## Exercise prompt
Please give back each line below unchanged; none of the pictures should appear.

Data for the task section start

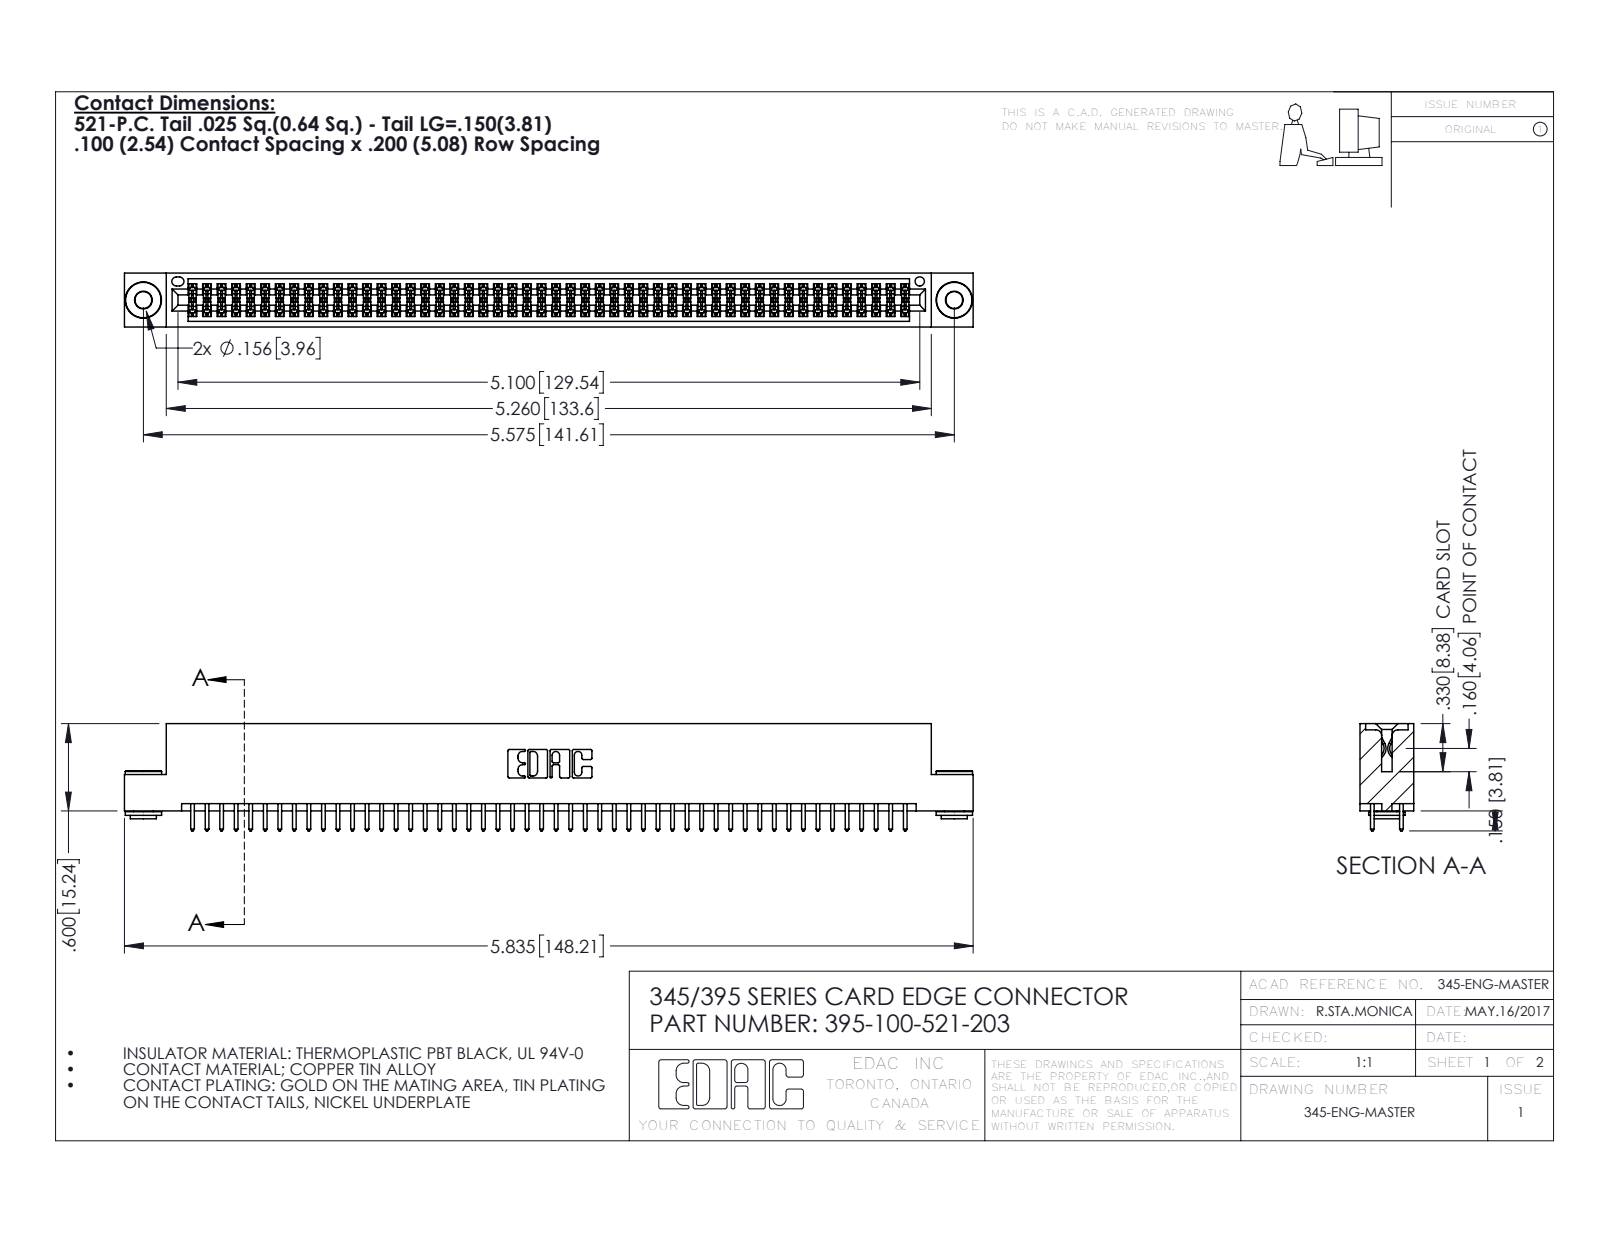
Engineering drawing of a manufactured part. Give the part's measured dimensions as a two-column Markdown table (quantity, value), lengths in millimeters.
| quantity | value |
| --- | --- |
| part name | 395-100-521-203; 345-292-001_345-293-121; 345 Part_Flush Mounting Lugs - 0.156 Dia-TH; 345-250-002_345-250-002-102 |
| STEP written by | SolidWorks 2016 (CONFIG_CONTROL_DESIGN) |
| units | millimeters |
| bodies | 103 solids, 5164 faces (3390 planar, 1766 cylindrical, 8 other) |
| overall size | 148.2 × 18.7 × 9.4 |
| volume | 14 500 mm³ |
| surface area | 21 450 mm² |
| round holes (diameter × count) | 2.9 × 2, 4 × 2, 1.6 × 1 |
| round bosses / shafts (diameter × count) | 6.4 × 2, 4.6 × 2, 3.5 × 2 |
| partial cylindrical surfaces (radius × count) | 0.2 × 150, 0.3 × 100, 0.3 × 22, 0.2 × 6, 0.8 × 6, 0.7 × 3, 0.4 × 2, 0.5 × 2 |
| main face-to-face distances | 1.8, 7.6, 5.1, 0.6, 9.4, 2.5, 6.9, 5.7, 4.4, 3.8 |
| hole center spacings | 6.9, 135.6, 141.6 |
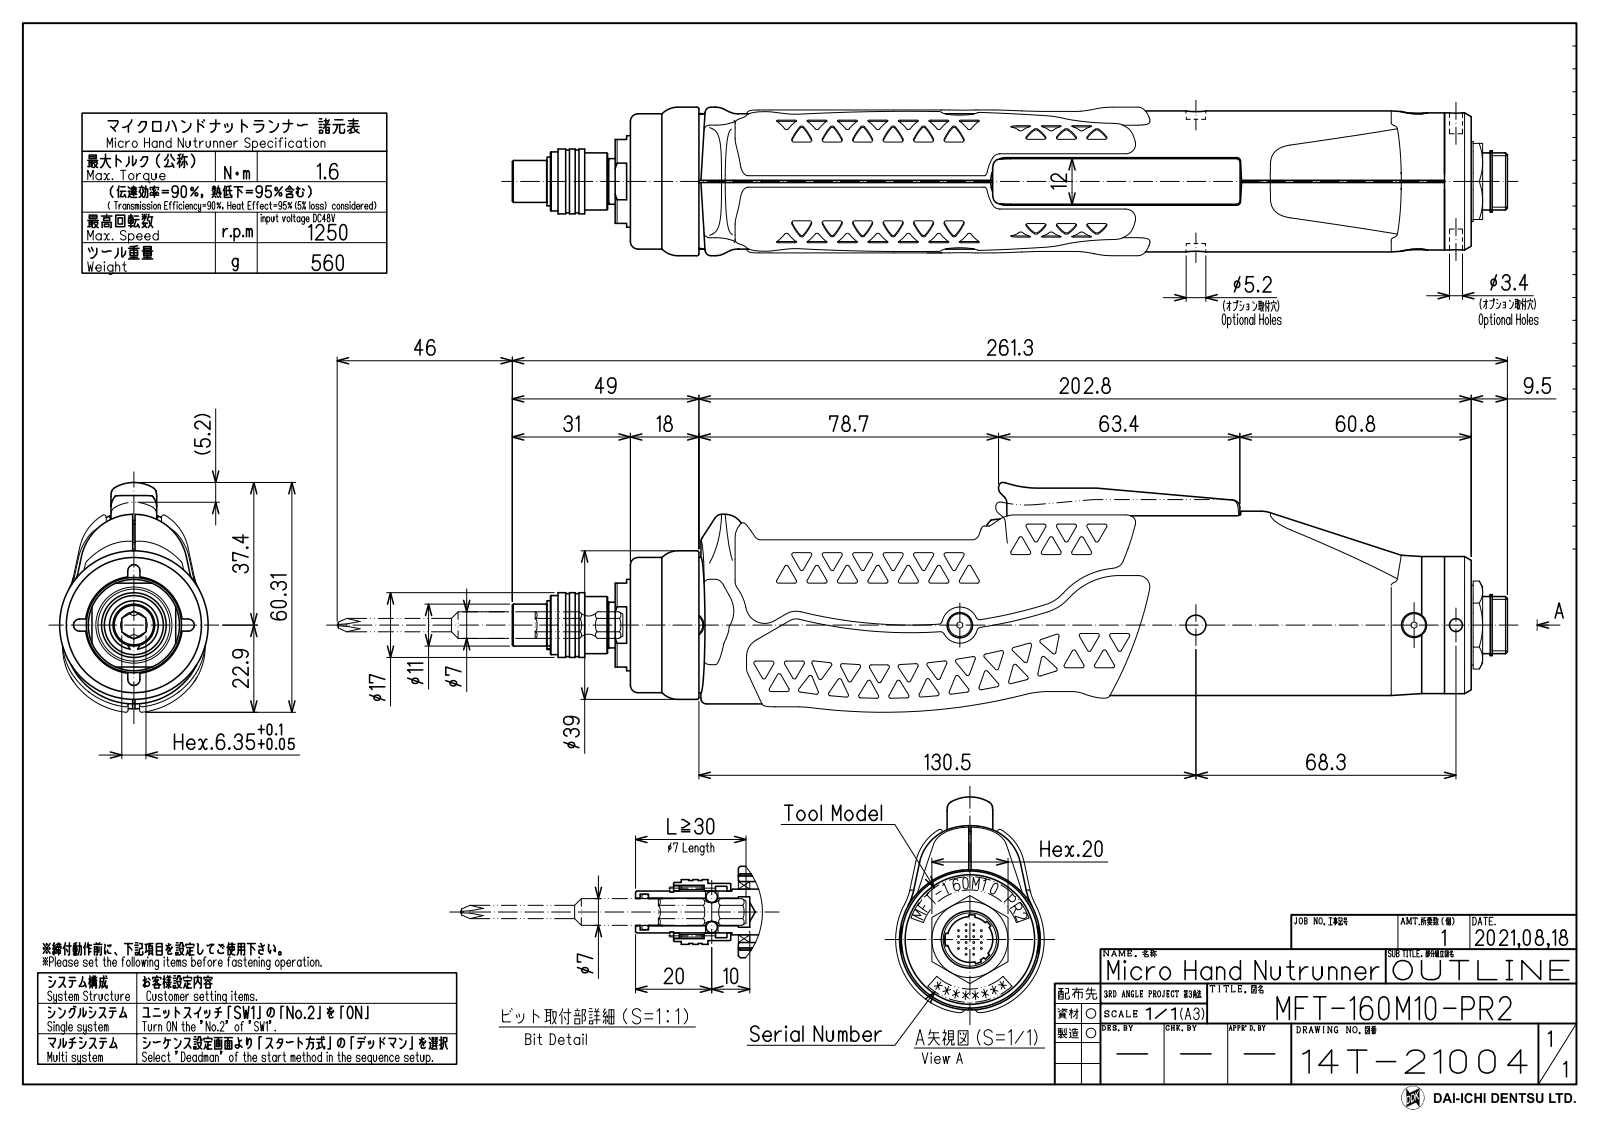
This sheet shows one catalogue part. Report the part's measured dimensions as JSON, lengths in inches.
{"part_name": "14T-21032_MFT-240M10-PR2(OUTLINE)_20211110-01", "step_written_by": "Autodesk Inventor 2021 (AUTOMOTIVE_DESIGN)", "units": "inches", "bodies": {"solids": 4, "faces": 2287, "planar": 707, "cylindrical": 706, "other": 874}, "overall_size": [10.287, 2.374, 1.535], "volume_in3": 17.38, "surface_area_in2": 75.58, "round_holes": [[0.118, 2], [0.126, 1], [0.134, 1], [0.276, 1], [0.315, 1], [0.37, 1], [0.531, 1], [0.551, 1], [0.583, 1], [1.004, 1], [1.276, 1], [1.315, 1]], "round_bosses_or_shafts": [[0.02, 20], [0.236, 3], [1.535, 1], [1.417, 1], [1.402, 1], [1.398, 1], [1.26, 1], [1.181, 1]], "partial_cylinders_radius": [[0.02, 144], [0.039, 57], [0.012, 24], [0.024, 18], [0.118, 13], [0.008, 10], [0.047, 7], [0.079, 7]], "face_to_face_distances": [0.039, 0.248, 0.224, 0.059, 0.413, 0.165, 0.189, 0.118, 0.472, 0.492], "hole_center_spacings": [5.524, 8.161]}
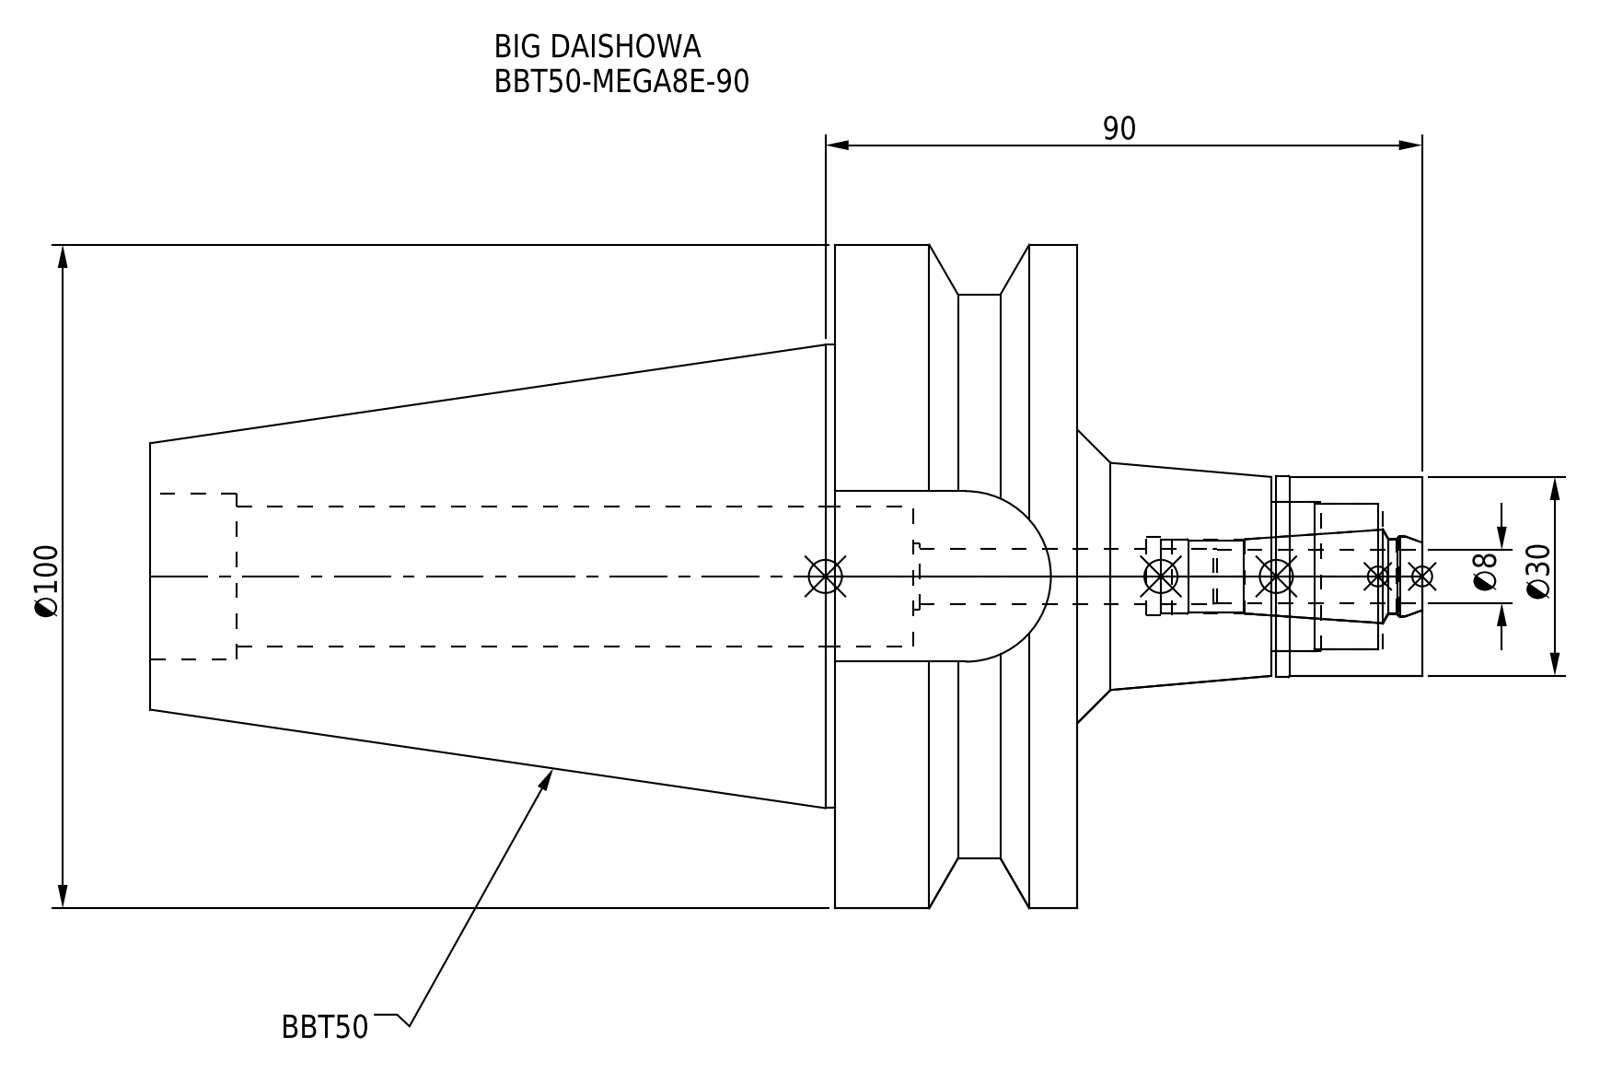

Data for the task section end

## Reply
Engineering drawing of a manufactured part. Give the part's measured dimensions as a two-column Markdown table (quantity, value), lengths in millimeters.
| quantity | value |
| --- | --- |
| part name | 395-100-521-203; 345-292-001_345-293-121; 345 Part_Flush Mounting Lugs - 0.156 Dia-TH; 345-250-002_345-250-002-102 |
| STEP written by | SolidWorks 2016 (CONFIG_CONTROL_DESIGN) |
| units | millimeters |
| bodies | 103 solids, 5164 faces (3390 planar, 1766 cylindrical, 8 other) |
| overall size | 148.2 × 18.7 × 9.4 |
| volume | 14 500 mm³ |
| surface area | 21 450 mm² |
| round holes (diameter × count) | 2.9 × 2, 4 × 2, 1.6 × 1 |
| round bosses / shafts (diameter × count) | 6.4 × 2, 4.6 × 2, 3.5 × 2 |
| partial cylindrical surfaces (radius × count) | 0.2 × 150, 0.3 × 100, 0.3 × 22, 0.2 × 6, 0.8 × 6, 0.7 × 3, 0.4 × 2, 0.5 × 2 |
| main face-to-face distances | 1.8, 7.6, 5.1, 0.6, 9.4, 2.5, 6.9, 5.7, 4.4, 3.8 |
| hole center spacings | 6.9, 135.6, 141.6 |
This sheet shows one catalogue part. Report the part's measured dimensions as JSON, lengths in inches.
{"part_name": "14T-21032_MFT-240M10-PR2(OUTLINE)_20211110-01", "step_written_by": "Autodesk Inventor 2021 (AUTOMOTIVE_DESIGN)", "units": "inches", "bodies": {"solids": 4, "faces": 2287, "planar": 707, "cylindrical": 706, "other": 874}, "overall_size": [10.287, 2.374, 1.535], "volume_in3": 17.38, "surface_area_in2": 75.58, "round_holes": [[0.118, 2], [0.126, 1], [0.134, 1], [0.276, 1], [0.315, 1], [0.37, 1], [0.531, 1], [0.551, 1], [0.583, 1], [1.004, 1], [1.276, 1], [1.315, 1]], "round_bosses_or_shafts": [[0.02, 20], [0.236, 3], [1.535, 1], [1.417, 1], [1.402, 1], [1.398, 1], [1.26, 1], [1.181, 1]], "partial_cylinders_radius": [[0.02, 144], [0.039, 57], [0.012, 24], [0.024, 18], [0.118, 13], [0.008, 10], [0.047, 7], [0.079, 7]], "face_to_face_distances": [0.039, 0.248, 0.224, 0.059, 0.413, 0.165, 0.189, 0.118, 0.472, 0.492], "hole_center_spacings": [5.524, 8.161]}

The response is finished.